Tommy Phan is a successful detective novelist living the American Dream in southern California. One evening he comes home to find a small rag doll on his doorstep. It’s a simple doll, covered entirely in white cloth, with crossed black stitches for the eyes and mouth, and another pair forming an X over the heart. Curious, he brings it inside.
That night Tommy hears an odd popping sound and looks up to see the stitches breaking over the doll’s heart. And in minutes the fabric of Tommy Phan’s reality will be torn apart. Something terrifying emerges from the pristine white cloth, something that will follow Tommy wherever he goes. Something that he can’t destroy. It wants Tommy’s life, and he doesn’t know why. He has only one ally, a beautiful, strangely intuitive waitress he meets by chance—or by a design far beyond his comprehension. He has too many questions, no answers, and very little time. Because the vicious and demonically clever doll has left this warning on Tommy’s computer screen:
The deadline is dawn.
Time is running out.
Rating: 3 / 5
Started: June 9th, 2016
Finished: June 11th, 2016
Drink Pairing: Rickards Red (because you were there for me in the end, old friend)
Let me start with a warning:
This is not a horror. At all.
There is nothing scary about this book. There are a few moments that get the adrenaline going, and Koontz is amazing at building the suspense, but there is no reason this book should be filed in the horror section. Sure it has a demon creature thing chasing them, and yes there’s a smidge of witchcraft, but that doesn’t make it a horror. It didn’t make me quiver and look over my shoulder before curling up for the evening, it didn’t make me worry about what was lurking around a corner or under the bed, and it didn’t make me think twice about the world around me. That is what defines a horror, in my opinion. While Tick Tock is cute and a great read, if you go into this expecting a horror you will be sorely mistaken.
Phew! Now that I’ve got that off my chest, I can get on with the actual review.
An adorable thriller with quick wit and charismatic characters, Ticktock was full of surprises.
As you can tell from the synopsis, Tommy Phan is on the run from a devil doll from hell. With no obvious explanation or reason why, he blindly stumbles his way through survival and chastises himself throughout the entire way. He is a successful published mystery writer, damnit! Where are his detective skills when he needs them? But characters we fabricate in our minds are never there for us (the bastards), so Tommy is left with the horrifying realization that is he not Chip Nguyen.
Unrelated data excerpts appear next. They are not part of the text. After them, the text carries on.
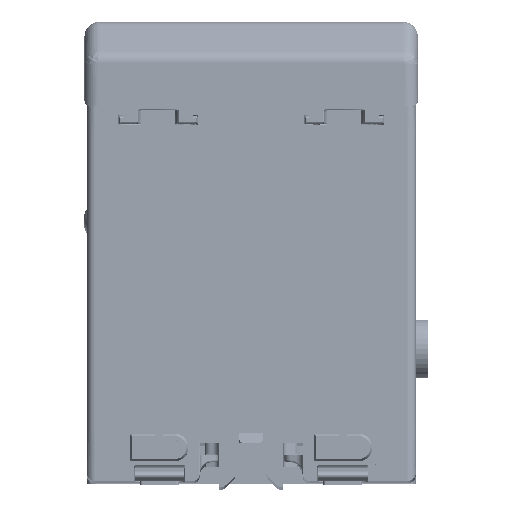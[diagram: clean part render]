
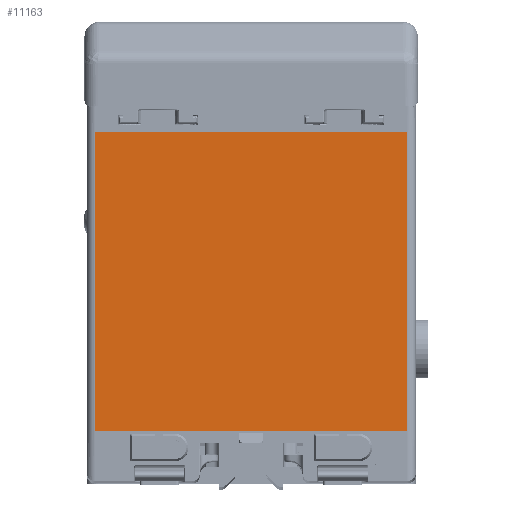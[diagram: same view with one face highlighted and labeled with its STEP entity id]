
A CAD part, top view. The second image highlights one B-rep face of the part: STEP entity #11163.
In plain terms, the highlighted planar face has unit normal (0, 0, 1) as drawn and (1, 0, 0) by its records, which use the part's own axes.
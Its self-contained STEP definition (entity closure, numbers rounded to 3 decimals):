
#5399 = VECTOR ( 'NONE', #158890, 1000. ) ;
#6306 = CARTESIAN_POINT ( 'NONE',  ( 27.371, 71., 37. ) ) ;
#7772 = CARTESIAN_POINT ( 'NONE',  ( 27.371, 71., -37. ) ) ;
#8451 = VECTOR ( 'NONE', #45097, 1000. ) ;
#9689 = VERTEX_POINT ( 'NONE', #116230 ) ;
#11163 = ADVANCED_FACE ( 'NONE', ( #26320 ), #54399, .F. ) ;
#13378 = VERTEX_POINT ( 'NONE', #53741 ) ;
#13867 = DIRECTION ( 'NONE',  ( -1., 0., 0. ) ) ;
#18787 = ORIENTED_EDGE ( 'NONE', *, *, #161375, .F. ) ;
#22043 = LINE ( 'NONE', #6306, #5399 ) ;
#26292 = EDGE_CURVE ( 'NONE', #38118, #9689, #82461, .T. ) ;
#26320 = FACE_OUTER_BOUND ( 'NONE', #118490, .T. ) ;
#26372 = DIRECTION ( 'NONE',  ( 0., 0., -1. ) ) ;
#35122 = ORIENTED_EDGE ( 'NONE', *, *, #133996, .T. ) ;
#36758 = AXIS2_PLACEMENT_3D ( 'NONE', #115021, #13867, #154779 ) ;
#38118 = VERTEX_POINT ( 'NONE', #58942 ) ;
#39119 = LINE ( 'NONE', #52380, #151692 ) ;
#45097 = DIRECTION ( 'NONE',  ( 0., 0., -1. ) ) ;
#52380 = CARTESIAN_POINT ( 'NONE',  ( 27.371, 71., -37. ) ) ;
#53741 = CARTESIAN_POINT ( 'NONE',  ( 27.371, 0., -37. ) ) ;
#54399 = PLANE ( 'NONE',  #36758 ) ;
#58942 = CARTESIAN_POINT ( 'NONE',  ( 27.371, 71., 37. ) ) ;
#64476 = LINE ( 'NONE', #91824, #88030 ) ;
#75581 = EDGE_CURVE ( 'NONE', #118820, #13378, #64476, .T. ) ;
#82461 = LINE ( 'NONE', #7772, #8451 ) ;
#88030 = VECTOR ( 'NONE', #26372, 1000. ) ;
#91824 = CARTESIAN_POINT ( 'NONE',  ( 27.371, 0., -37. ) ) ;
#99446 = ORIENTED_EDGE ( 'NONE', *, *, #75581, .T. ) ;
#115021 = CARTESIAN_POINT ( 'NONE',  ( 27.371, 71., -37. ) ) ;
#116230 = CARTESIAN_POINT ( 'NONE',  ( 27.371, 71., -37. ) ) ;
#118490 = EDGE_LOOP ( 'NONE', ( #99446, #18787, #148715, #35122 ) ) ;
#118820 = VERTEX_POINT ( 'NONE', #132630 ) ;
#132630 = CARTESIAN_POINT ( 'NONE',  ( 27.371, 0., 37. ) ) ;
#133996 = EDGE_CURVE ( 'NONE', #38118, #118820, #22043, .T. ) ;
#137778 = DIRECTION ( 'NONE',  ( 0., -1., 0. ) ) ;
#148715 = ORIENTED_EDGE ( 'NONE', *, *, #26292, .F. ) ;
#151692 = VECTOR ( 'NONE', #137778, 1000. ) ;
#154779 = DIRECTION ( 'NONE',  ( 0., 0., 1. ) ) ;
#158890 = DIRECTION ( 'NONE',  ( 0., -1., 0. ) ) ;
#161375 = EDGE_CURVE ( 'NONE', #9689, #13378, #39119, .T. ) ;
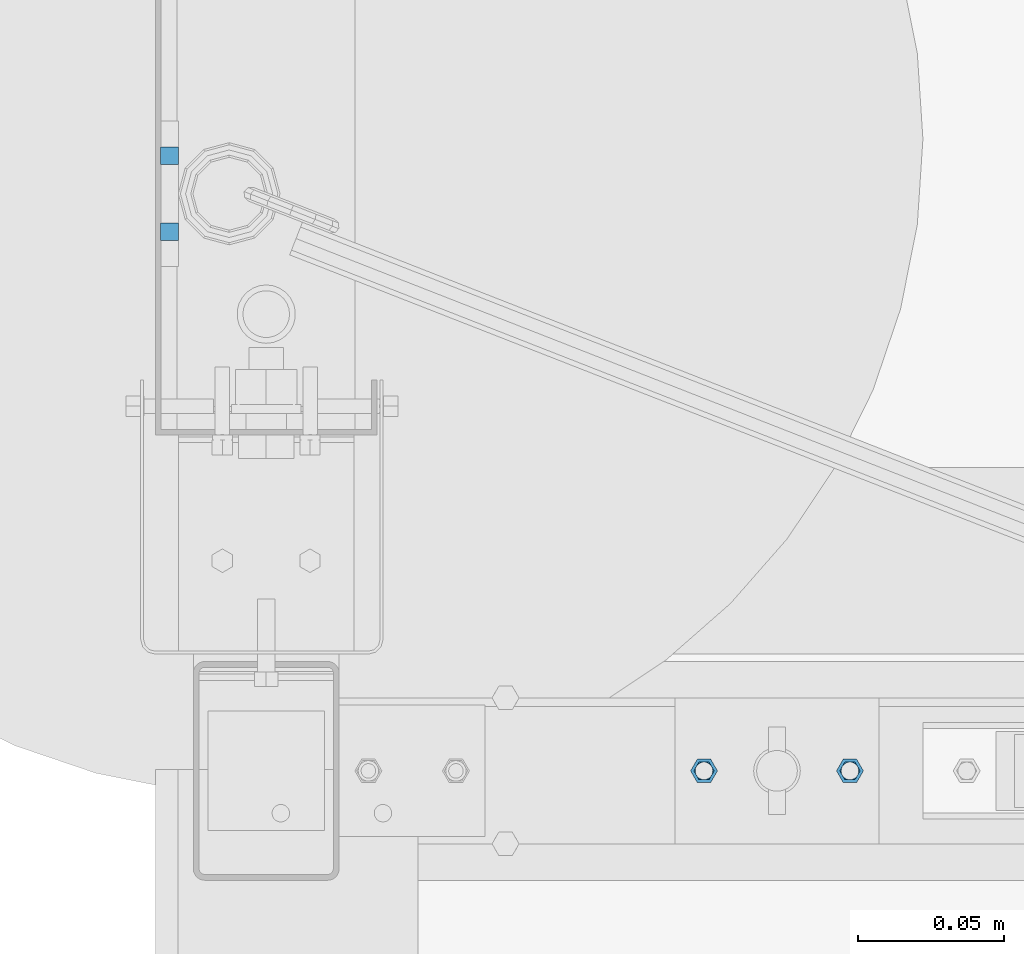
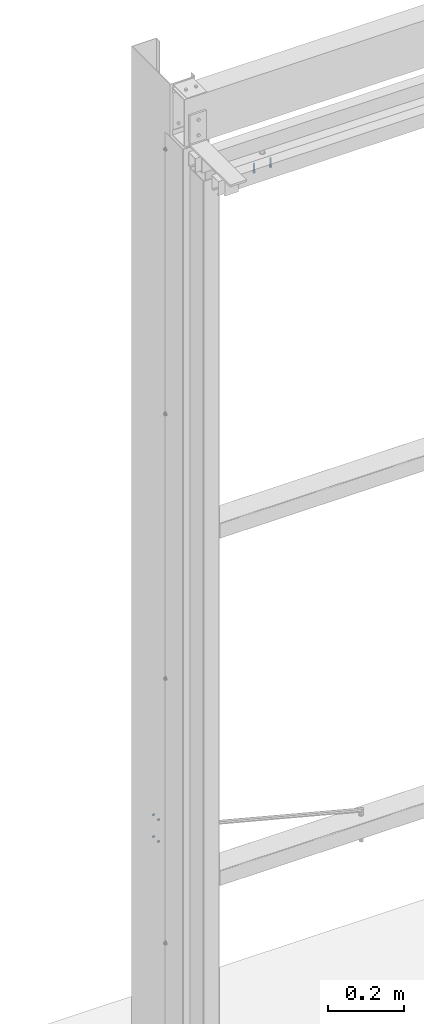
# One storey, part 34 of 91: 6 mechanical fasteners, 2 elements without a shape of their own.
"""IFC2X3 building model written with IfcOpenShell, lengths in millimetres."""

from ifc_helpers import new_model, si_unit, frame, origin_with_axes, origin_2d_with_axis, place, context, subcontext, project, spatial, polyline, circle, outline, extrude, source, transform, mapped, material, type_object, element, aggregate, save


model = new_model("IFC2X3")

# Units and contexts
model_context = context("Model", 3, precision=1e-05, world=origin_with_axes())
body_context = subcontext(model_context, "Body", "Model", "MODEL_VIEW")
ifc_project = project(units=[si_unit("LENGTHUNIT", "METRE", prefix="MILLI"), si_unit("AREAUNIT", "SQUARE_METRE"), si_unit("VOLUMEUNIT", "CUBIC_METRE"), si_unit("MASSUNIT", "GRAM", prefix="KILO"), si_unit("TIMEUNIT", "SECOND"), si_unit("PLANEANGLEUNIT", "RADIAN"), si_unit("SOLIDANGLEUNIT", "STERADIAN"), si_unit("THERMODYNAMICTEMPERATUREUNIT", "DEGREE_CELSIUS"), si_unit("LUMINOUSINTENSITYUNIT", "LUMEN")], contexts=[model_context])

# Site, building, storey
site_placement = place(None, origin_with_axes())
site = spatial("IfcSite", under=ifc_project, at=site_placement, Name="Undefined", CompositionType="ELEMENT")
building_placement = place(site_placement, origin_with_axes())
building = spatial("IfcBuilding", under=site, at=building_placement, Name="Undefined", CompositionType="ELEMENT")
storey_placement = place(building_placement, origin_with_axes())
storey = spatial("IfcBuildingStorey", under=building, at=storey_placement, Name="Undefined", CompositionType="ELEMENT", Elevation=0.0)

# Assembly, mechanical fasteners
assembly_1_placement = place(storey_placement, origin_with_axes())
assembly_1 = element("IfcElementAssembly", 1, at=assembly_1_placement, inside=storey, Name="SLIDING DOOR", AssemblyPlace="NOTDEFINED", PredefinedType="RIGID_FRAME")
ifc_material_1 = material(Name="TEK_11TPIM")
discrete_accessory_type = type_object("IfcDiscreteAccessoryType", Name="Bolt assembly")
shared_shape_1 = source(origin_with_axes(), body_context, "Body", "SweptSolid", [
    extrude(circle(Radius=3.0, at=origin_2d_with_axis()), frame((0.0, 0.0, 0.0), z_axis=(0.0, 1.0, 0.0), x_axis=(1.0, 0.0, 0.0)), (0.0, 0.0, 1.0), 2.1),
    extrude(outline(polyline([(4.61880215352, 0.0), (2.30940107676, 4.00000000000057), (-2.30940107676, 4.00000000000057), (-4.61880215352, 0.0), (-2.30940107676, -4.00000000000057), (2.30940107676, -4.00000000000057), (4.61880215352, 0.0)])), frame((0.0, -5.0, 0.0), z_axis=(0.0, 1.0, 0.0), x_axis=(1.0, 0.0, 0.0)), (0.0, 0.0, 1.0), 5.0),
    extrude(circle(Radius=3.0, at=origin_2d_with_axis()), frame((0.0, 0.0, 0.0), z_axis=(0.0, 1.0, 0.0), x_axis=(1.0, 0.0, 0.0)), (0.0, 0.0, 1.0), 25.0),
    extrude(circle(Radius=3.0, at=origin_2d_with_axis()), frame((0.0, 2.00000000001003, 0.0), z_axis=(0.0, 1.0, 0.0), x_axis=(1.0, 0.0, 0.0)), (0.0, 0.0, 1.0), 0.1),
    extrude(outline(polyline([(3.46410161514, 0.0), (1.73205080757, 3.00000000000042), (-1.73205080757, 3.00000000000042), (-3.46410161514, 0.0), (-1.73205080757, -3.00000000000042), (1.73205080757, -3.00000000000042), (3.46410161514, 0.0)])), frame((0.0, 2.10000000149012, 0.0), z_axis=(0.0, 1.0, 0.0), x_axis=(1.0, 0.0, 0.0)), (0.0, 0.0, 1.0), 0.1),
])
mechanical_fastener_1_placement = place(assembly_1_placement, frame((-116595.84, 87712.15, 3326.0), z_axis=(0.0, 1.0, 0.0), x_axis=(-1.0, 0.0, 0.0)))
mechanical_fastener_1 = element("IfcMechanicalFastener", 2, at=mechanical_fastener_1_placement, type_object=discrete_accessory_type, material=ifc_material_1, Name="Bolt assembly", NominalDiameter=6.0, NominalLength=25.0, context=body_context, shape_type="MappedRepresentation", body=[
    mapped(shared_shape_1, transform((0.0, 0.0, 0.0))),
])
mechanical_fastener_2_placement = place(assembly_1_placement, frame((-116645.84, 87712.15, 3326.0), z_axis=(0.0, -1.0, 0.0), x_axis=(1.0, 0.0, 0.0)))
mechanical_fastener_2 = element("IfcMechanicalFastener", 3, at=mechanical_fastener_2_placement, type_object=discrete_accessory_type, material=ifc_material_1, Name="Bolt assembly", NominalDiameter=6.0, NominalLength=25.0, context=body_context, shape_type="MappedRepresentation", body=[
    mapped(shared_shape_1, transform((0.0, 0.0, 0.0))),
])
aggregate(assembly_1, [mechanical_fastener_1, mechanical_fastener_2])

assembly_2_placement = place(storey_placement, origin_with_axes())
assembly_2 = element("IfcElementAssembly", 4, at=assembly_2_placement, inside=storey, Name="PLATE", AssemblyPlace="NOTDEFINED", PredefinedType="RIGID_FRAME")
ifc_material_2 = material(Name="8.8S")
shared_shape_2 = source(origin_with_axes(), body_context, "Body", "SweptSolid", [
    extrude(circle(Radius=3.0, at=origin_2d_with_axis()), frame((0.0, 0.0, 0.0), z_axis=(0.0, 1.0, 0.0), x_axis=(1.0, 0.0, 0.0)), (0.0, 0.0, 1.0), 6.1),
])
mechanical_fastener_3_placement = place(assembly_2_placement, frame((-116825.942606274, 87922.9017781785, 1127.34478745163), z_axis=(0.0, -1.0, 0.0), x_axis=(0.0, 0.0, 1.0)))
mechanical_fastener_3 = element("IfcMechanicalFastener", 5, at=mechanical_fastener_3_placement, type_object=discrete_accessory_type, material=ifc_material_2, Name="Bolt assembly", NominalDiameter=6.0, NominalLength=6.0, context=body_context, shape_type="MappedRepresentation", body=[
    mapped(shared_shape_2, transform((0.0, 0.0, 0.0))),
])
mechanical_fastener_4_placement = place(assembly_2_placement, frame((-116825.942606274, 87896.8982218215, 1127.34478745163), z_axis=(0.0, -1.0, 0.0), x_axis=(0.0, 0.0, 1.0)))
mechanical_fastener_4 = element("IfcMechanicalFastener", 6, at=mechanical_fastener_4_placement, type_object=discrete_accessory_type, material=ifc_material_2, Name="Bolt assembly", NominalDiameter=6.0, NominalLength=6.0, context=body_context, shape_type="MappedRepresentation", body=[
    mapped(shared_shape_2, transform((0.0, 0.0, 0.0))),
])
mechanical_fastener_5_placement = place(assembly_2_placement, frame((-116825.942606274, 87922.9017781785, 1197.34), z_axis=(0.0, 1.0, 0.0), x_axis=(0.0, 0.0, -1.0)))
mechanical_fastener_5 = element("IfcMechanicalFastener", 7, at=mechanical_fastener_5_placement, type_object=discrete_accessory_type, material=ifc_material_2, Name="Bolt assembly", NominalDiameter=6.0, NominalLength=6.0, context=body_context, shape_type="MappedRepresentation", body=[
    mapped(shared_shape_2, transform((0.0, 0.0, 0.0))),
])
mechanical_fastener_6_placement = place(assembly_2_placement, frame((-116825.942606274, 87896.8982218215, 1197.34), z_axis=(0.0, 1.0, 0.0), x_axis=(0.0, 0.0, -1.0)))
mechanical_fastener_6 = element("IfcMechanicalFastener", 8, at=mechanical_fastener_6_placement, type_object=discrete_accessory_type, material=ifc_material_2, Name="Bolt assembly", NominalDiameter=6.0, NominalLength=6.0, context=body_context, shape_type="MappedRepresentation", body=[
    mapped(shared_shape_2, transform((0.0, 0.0, 0.0))),
])
aggregate(assembly_2, [mechanical_fastener_3, mechanical_fastener_4, mechanical_fastener_5, mechanical_fastener_6])

save(model, "model.ifc")

So Tommy jumps in his brand new Corvette, only hours old, and runs for his life.
Through the cosmic humour of fate, Tommy meets Deliverance Payne, aka. Del, who is the reason this book is awesome (oh, and Tommy’s mom traditional Vietnamese mother is also hilarious). With a comedic setting, Tommy and the ever witty and surprising Del evade the satanic creature hunting Tommy throughout LA in the night.
Tommy told Sal about the strange white-cloth figure with black stitches that he had found on the front porch.
“Sounds like Pillsbury Doughboy gone punk,” Sal said.
Honestly, I was completely blind sided by this book. I went in expecting a serious horror but got a comedic thriller. It’s not that it’s bad it’s just.. not what I was expecting. So there’s no lying that I was hoping for more, but after I realized I wasn’t getting a not-sleeping-for-three-weeks kind of horror I was incredibly pleased with this book (did I mention this is my first Koontz book..?).
First, Koontz’s writing is wonderful. Besides his excess use of commas (which took 30% of the book to acclimatize to) his suspense building is amazing while simultaneously balancing dialogue and world building. LA is a very unique creature, after all – us international readers need some information! My favourite part of his writing his the scenes with short one-liners and how he manages to weave them together with overlapping dialogue and the actions of the characters with such fluidity that was so pleasant to read.
Second, the secondary characters are legendary! (…too much?) Both Del and Tommy’s mother are sharp witted and stubborn with volatile personalities that practically explode on impact (hilarity ensues). The contrast between Tommy’s deer-in-the-headlights personality and Chip Nguyen’s hard, independent, bad-ass detective personality enhanced the stark differences between Tommy and Del in the most cosmic ways.
“Everyone thinks his family is strange,” Del said, scratching Scootie behind the ears, “but it’s just that… because we’re closer to the people we love, we tend to see them through a magnifying glass, through a thicker lens of emotion, and we exaggerate their eccentricities.”
So should you give this a shot? Probably. If you like thrillers with ridiculously awesome characters and supernatural entities, then this book should be on your radar. Because after I got over the loss of not reading a horror I was able to appreciate this book for the comedic thriller it is.
Oh, did I mention that there’s a dog? The smartest, most intelligent and sarcastic dog you’d ever meet?
“Tommy and Scootie locked eyes. Only minutes ago, he wouldn’t have believed that he could ever have felt such a kinship with the Labrador as he felt now.”